(Provided data begins)

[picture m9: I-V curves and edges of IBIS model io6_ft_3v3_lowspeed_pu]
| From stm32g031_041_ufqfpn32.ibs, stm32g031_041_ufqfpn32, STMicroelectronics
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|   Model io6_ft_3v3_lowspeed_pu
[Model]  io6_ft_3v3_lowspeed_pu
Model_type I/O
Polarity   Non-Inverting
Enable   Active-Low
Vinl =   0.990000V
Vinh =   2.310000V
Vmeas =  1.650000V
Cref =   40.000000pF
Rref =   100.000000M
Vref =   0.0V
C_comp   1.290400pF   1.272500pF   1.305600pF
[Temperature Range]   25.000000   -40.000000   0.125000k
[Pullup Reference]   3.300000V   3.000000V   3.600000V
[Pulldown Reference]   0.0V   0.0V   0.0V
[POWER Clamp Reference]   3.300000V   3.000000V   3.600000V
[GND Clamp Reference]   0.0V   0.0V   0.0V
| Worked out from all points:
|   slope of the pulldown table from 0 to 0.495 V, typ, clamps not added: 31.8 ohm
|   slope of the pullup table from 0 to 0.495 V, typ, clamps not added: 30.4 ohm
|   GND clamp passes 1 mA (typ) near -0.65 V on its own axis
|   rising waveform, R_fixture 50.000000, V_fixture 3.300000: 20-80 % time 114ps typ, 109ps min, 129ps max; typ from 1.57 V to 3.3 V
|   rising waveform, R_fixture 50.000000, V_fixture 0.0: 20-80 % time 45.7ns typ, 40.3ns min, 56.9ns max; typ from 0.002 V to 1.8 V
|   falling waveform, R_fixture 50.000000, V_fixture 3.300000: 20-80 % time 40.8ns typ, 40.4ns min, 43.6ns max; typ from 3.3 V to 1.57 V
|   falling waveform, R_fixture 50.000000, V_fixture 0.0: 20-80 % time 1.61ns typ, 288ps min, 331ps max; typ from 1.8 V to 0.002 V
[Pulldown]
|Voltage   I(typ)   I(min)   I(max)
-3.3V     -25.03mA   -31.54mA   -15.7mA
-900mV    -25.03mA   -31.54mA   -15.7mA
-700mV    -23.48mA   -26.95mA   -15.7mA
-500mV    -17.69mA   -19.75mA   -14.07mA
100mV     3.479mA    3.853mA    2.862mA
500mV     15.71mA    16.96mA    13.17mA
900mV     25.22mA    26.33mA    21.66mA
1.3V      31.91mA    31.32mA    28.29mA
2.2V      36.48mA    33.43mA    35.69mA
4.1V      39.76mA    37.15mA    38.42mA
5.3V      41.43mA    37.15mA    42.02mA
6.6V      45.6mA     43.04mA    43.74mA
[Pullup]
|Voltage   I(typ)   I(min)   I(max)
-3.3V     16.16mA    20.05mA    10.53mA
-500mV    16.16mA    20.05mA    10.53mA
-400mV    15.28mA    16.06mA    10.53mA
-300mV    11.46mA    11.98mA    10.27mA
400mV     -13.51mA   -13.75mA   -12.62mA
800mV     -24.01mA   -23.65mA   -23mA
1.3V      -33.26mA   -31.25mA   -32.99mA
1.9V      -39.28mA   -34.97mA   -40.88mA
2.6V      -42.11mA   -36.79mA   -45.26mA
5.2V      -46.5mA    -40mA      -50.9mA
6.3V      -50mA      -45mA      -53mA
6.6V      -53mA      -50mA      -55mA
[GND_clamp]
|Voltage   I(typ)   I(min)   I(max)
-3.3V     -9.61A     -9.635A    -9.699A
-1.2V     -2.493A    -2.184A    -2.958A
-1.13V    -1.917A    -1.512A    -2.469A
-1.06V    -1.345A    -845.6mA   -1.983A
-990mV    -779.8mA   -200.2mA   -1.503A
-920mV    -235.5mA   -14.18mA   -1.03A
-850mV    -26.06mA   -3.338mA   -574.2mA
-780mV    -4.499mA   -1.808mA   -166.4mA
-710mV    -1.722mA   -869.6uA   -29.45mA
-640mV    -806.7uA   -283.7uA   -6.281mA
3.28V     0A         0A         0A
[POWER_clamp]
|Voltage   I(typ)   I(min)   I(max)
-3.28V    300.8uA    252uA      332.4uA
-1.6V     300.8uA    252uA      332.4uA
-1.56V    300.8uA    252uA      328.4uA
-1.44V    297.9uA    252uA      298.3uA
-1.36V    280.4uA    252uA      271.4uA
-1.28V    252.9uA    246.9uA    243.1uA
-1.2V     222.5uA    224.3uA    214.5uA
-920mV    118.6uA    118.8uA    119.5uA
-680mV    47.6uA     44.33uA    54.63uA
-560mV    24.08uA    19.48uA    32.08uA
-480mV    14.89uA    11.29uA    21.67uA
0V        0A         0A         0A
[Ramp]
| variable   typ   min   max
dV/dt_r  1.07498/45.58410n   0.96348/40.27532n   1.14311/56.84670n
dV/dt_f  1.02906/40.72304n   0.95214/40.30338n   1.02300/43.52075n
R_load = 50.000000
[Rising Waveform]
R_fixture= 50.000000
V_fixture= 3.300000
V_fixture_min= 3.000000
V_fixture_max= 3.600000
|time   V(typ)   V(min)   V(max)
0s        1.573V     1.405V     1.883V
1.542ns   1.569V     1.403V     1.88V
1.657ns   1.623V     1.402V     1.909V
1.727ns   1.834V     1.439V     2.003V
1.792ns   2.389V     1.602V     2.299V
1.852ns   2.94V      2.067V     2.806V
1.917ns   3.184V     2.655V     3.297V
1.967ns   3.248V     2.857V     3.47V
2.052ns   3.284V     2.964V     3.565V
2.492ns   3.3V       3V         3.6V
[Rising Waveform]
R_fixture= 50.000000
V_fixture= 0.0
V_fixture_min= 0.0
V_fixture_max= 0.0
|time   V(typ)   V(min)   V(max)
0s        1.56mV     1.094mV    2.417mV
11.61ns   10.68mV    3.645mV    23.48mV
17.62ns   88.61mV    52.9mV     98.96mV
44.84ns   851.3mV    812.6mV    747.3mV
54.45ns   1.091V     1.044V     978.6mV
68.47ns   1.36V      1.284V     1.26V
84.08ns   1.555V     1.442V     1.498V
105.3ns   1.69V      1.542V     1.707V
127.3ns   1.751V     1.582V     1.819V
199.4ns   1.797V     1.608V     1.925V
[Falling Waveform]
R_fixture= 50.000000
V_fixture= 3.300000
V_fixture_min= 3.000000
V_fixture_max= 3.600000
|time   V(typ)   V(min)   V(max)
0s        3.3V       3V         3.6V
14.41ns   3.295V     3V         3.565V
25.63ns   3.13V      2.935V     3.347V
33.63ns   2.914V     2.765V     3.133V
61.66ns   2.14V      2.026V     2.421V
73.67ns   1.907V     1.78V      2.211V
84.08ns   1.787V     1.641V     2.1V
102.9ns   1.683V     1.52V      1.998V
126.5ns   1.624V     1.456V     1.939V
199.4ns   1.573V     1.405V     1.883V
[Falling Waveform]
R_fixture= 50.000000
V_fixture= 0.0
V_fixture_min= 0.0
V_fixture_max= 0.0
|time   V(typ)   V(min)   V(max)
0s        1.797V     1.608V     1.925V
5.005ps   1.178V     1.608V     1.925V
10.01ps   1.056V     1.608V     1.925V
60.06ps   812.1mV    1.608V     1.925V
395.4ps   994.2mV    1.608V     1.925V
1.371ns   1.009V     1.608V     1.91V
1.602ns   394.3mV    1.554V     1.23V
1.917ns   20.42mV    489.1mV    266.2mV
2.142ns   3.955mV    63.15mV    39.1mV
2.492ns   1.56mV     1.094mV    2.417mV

(Provided data ends)

(What is expected) Every entry above needs to be quoted exactly.

(Answer section)
[picture m9: I-V curves and edges of IBIS model io6_ft_3v3_lowspeed_pu]
| From stm32g031_041_ufqfpn32.ibs, stm32g031_041_ufqfpn32, STMicroelectronics
|   Model io6_ft_3v3_lowspeed_pu
[Model]  io6_ft_3v3_lowspeed_pu
Model_type I/O
Polarity   Non-Inverting
Enable   Active-Low
Vinl =   0.990000V
Vinh =   2.310000V
Vmeas =  1.650000V
Cref =   40.000000pF
Rref =   100.000000M
Vref =   0.0V
C_comp   1.290400pF   1.272500pF   1.305600pF
[Temperature Range]   25.000000   -40.000000   0.125000k
[Pullup Reference]   3.300000V   3.000000V   3.600000V
[Pulldown Reference]   0.0V   0.0V   0.0V
[POWER Clamp Reference]   3.300000V   3.000000V   3.600000V
[GND Clamp Reference]   0.0V   0.0V   0.0V
| Worked out from all points:
|   slope of the pulldown table from 0 to 0.495 V, typ, clamps not added: 31.8 ohm
|   slope of the pullup table from 0 to 0.495 V, typ, clamps not added: 30.4 ohm
|   GND clamp passes 1 mA (typ) near -0.65 V on its own axis
|   rising waveform, R_fixture 50.000000, V_fixture 3.300000: 20-80 % time 114ps typ, 109ps min, 129ps max; typ from 1.57 V to 3.3 V
|   rising waveform, R_fixture 50.000000, V_fixture 0.0: 20-80 % time 45.7ns typ, 40.3ns min, 56.9ns max; typ from 0.002 V to 1.8 V
|   falling waveform, R_fixture 50.000000, V_fixture 3.300000: 20-80 % time 40.8ns typ, 40.4ns min, 43.6ns max; typ from 3.3 V to 1.57 V
|   falling waveform, R_fixture 50.000000, V_fixture 0.0: 20-80 % time 1.61ns typ, 288ps min, 331ps max; typ from 1.8 V to 0.002 V
[Pulldown]
|Voltage   I(typ)   I(min)   I(max)
-3.3V     -25.03mA   -31.54mA   -15.7mA
-900mV    -25.03mA   -31.54mA   -15.7mA
-700mV    -23.48mA   -26.95mA   -15.7mA
-500mV    -17.69mA   -19.75mA   -14.07mA
100mV     3.479mA    3.853mA    2.862mA
500mV     15.71mA    16.96mA    13.17mA
900mV     25.22mA    26.33mA    21.66mA
1.3V      31.91mA    31.32mA    28.29mA
2.2V      36.48mA    33.43mA    35.69mA
4.1V      39.76mA    37.15mA    38.42mA
5.3V      41.43mA    37.15mA    42.02mA
6.6V      45.6mA     43.04mA    43.74mA
[Pullup]
|Voltage   I(typ)   I(min)   I(max)
-3.3V     16.16mA    20.05mA    10.53mA
-500mV    16.16mA    20.05mA    10.53mA
-400mV    15.28mA    16.06mA    10.53mA
-300mV    11.46mA    11.98mA    10.27mA
400mV     -13.51mA   -13.75mA   -12.62mA
800mV     -24.01mA   -23.65mA   -23mA
1.3V      -33.26mA   -31.25mA   -32.99mA
1.9V      -39.28mA   -34.97mA   -40.88mA
2.6V      -42.11mA   -36.79mA   -45.26mA
5.2V      -46.5mA    -40mA      -50.9mA
6.3V      -50mA      -45mA      -53mA
6.6V      -53mA      -50mA      -55mA
[GND_clamp]
|Voltage   I(typ)   I(min)   I(max)
-3.3V     -9.61A     -9.635A    -9.699A
-1.2V     -2.493A    -2.184A    -2.958A
-1.13V    -1.917A    -1.512A    -2.469A
-1.06V    -1.345A    -845.6mA   -1.983A
-990mV    -779.8mA   -200.2mA   -1.503A
-920mV    -235.5mA   -14.18mA   -1.03A
-850mV    -26.06mA   -3.338mA   -574.2mA
-780mV    -4.499mA   -1.808mA   -166.4mA
-710mV    -1.722mA   -869.6uA   -29.45mA
-640mV    -806.7uA   -283.7uA   -6.281mA
3.28V     0A         0A         0A
[POWER_clamp]
|Voltage   I(typ)   I(min)   I(max)
-3.28V    300.8uA    252uA      332.4uA
-1.6V     300.8uA    252uA      332.4uA
-1.56V    300.8uA    252uA      328.4uA
-1.44V    297.9uA    252uA      298.3uA
-1.36V    280.4uA    252uA      271.4uA
-1.28V    252.9uA    246.9uA    243.1uA
-1.2V     222.5uA    224.3uA    214.5uA
-920mV    118.6uA    118.8uA    119.5uA
-680mV    47.6uA     44.33uA    54.63uA
-560mV    24.08uA    19.48uA    32.08uA
-480mV    14.89uA    11.29uA    21.67uA
0V        0A         0A         0A
[Ramp]
| variable   typ   min   max
dV/dt_r  1.07498/45.58410n   0.96348/40.27532n   1.14311/56.84670n
dV/dt_f  1.02906/40.72304n   0.95214/40.30338n   1.02300/43.52075n
R_load = 50.000000
[Rising Waveform]
R_fixture= 50.000000
V_fixture= 3.300000
V_fixture_min= 3.000000
V_fixture_max= 3.600000
|time   V(typ)   V(min)   V(max)
0s        1.573V     1.405V     1.883V
1.542ns   1.569V     1.403V     1.88V
1.657ns   1.623V     1.402V     1.909V
1.727ns   1.834V     1.439V     2.003V
1.792ns   2.389V     1.602V     2.299V
1.852ns   2.94V      2.067V     2.806V
1.917ns   3.184V     2.655V     3.297V
1.967ns   3.248V     2.857V     3.47V
2.052ns   3.284V     2.964V     3.565V
2.492ns   3.3V       3V         3.6V
[Rising Waveform]
R_fixture= 50.000000
V_fixture= 0.0
V_fixture_min= 0.0
V_fixture_max= 0.0
|time   V(typ)   V(min)   V(max)
0s        1.56mV     1.094mV    2.417mV
11.61ns   10.68mV    3.645mV    23.48mV
17.62ns   88.61mV    52.9mV     98.96mV
44.84ns   851.3mV    812.6mV    747.3mV
54.45ns   1.091V     1.044V     978.6mV
68.47ns   1.36V      1.284V     1.26V
84.08ns   1.555V     1.442V     1.498V
105.3ns   1.69V      1.542V     1.707V
127.3ns   1.751V     1.582V     1.819V
199.4ns   1.797V     1.608V     1.925V
[Falling Waveform]
R_fixture= 50.000000
V_fixture= 3.300000
V_fixture_min= 3.000000
V_fixture_max= 3.600000
|time   V(typ)   V(min)   V(max)
0s        3.3V       3V         3.6V
14.41ns   3.295V     3V         3.565V
25.63ns   3.13V      2.935V     3.347V
33.63ns   2.914V     2.765V     3.133V
61.66ns   2.14V      2.026V     2.421V
73.67ns   1.907V     1.78V      2.211V
84.08ns   1.787V     1.641V     2.1V
102.9ns   1.683V     1.52V      1.998V
126.5ns   1.624V     1.456V     1.939V
199.4ns   1.573V     1.405V     1.883V
[Falling Waveform]
R_fixture= 50.000000
V_fixture= 0.0
V_fixture_min= 0.0
V_fixture_max= 0.0
|time   V(typ)   V(min)   V(max)
0s        1.797V     1.608V     1.925V
5.005ps   1.178V     1.608V     1.925V
10.01ps   1.056V     1.608V     1.925V
60.06ps   812.1mV    1.608V     1.925V
395.4ps   994.2mV    1.608V     1.925V
1.371ns   1.009V     1.608V     1.91V
1.602ns   394.3mV    1.554V     1.23V
1.917ns   20.42mV    489.1mV    266.2mV
2.142ns   3.955mV    63.15mV    39.1mV
2.492ns   1.56mV     1.094mV    2.417mV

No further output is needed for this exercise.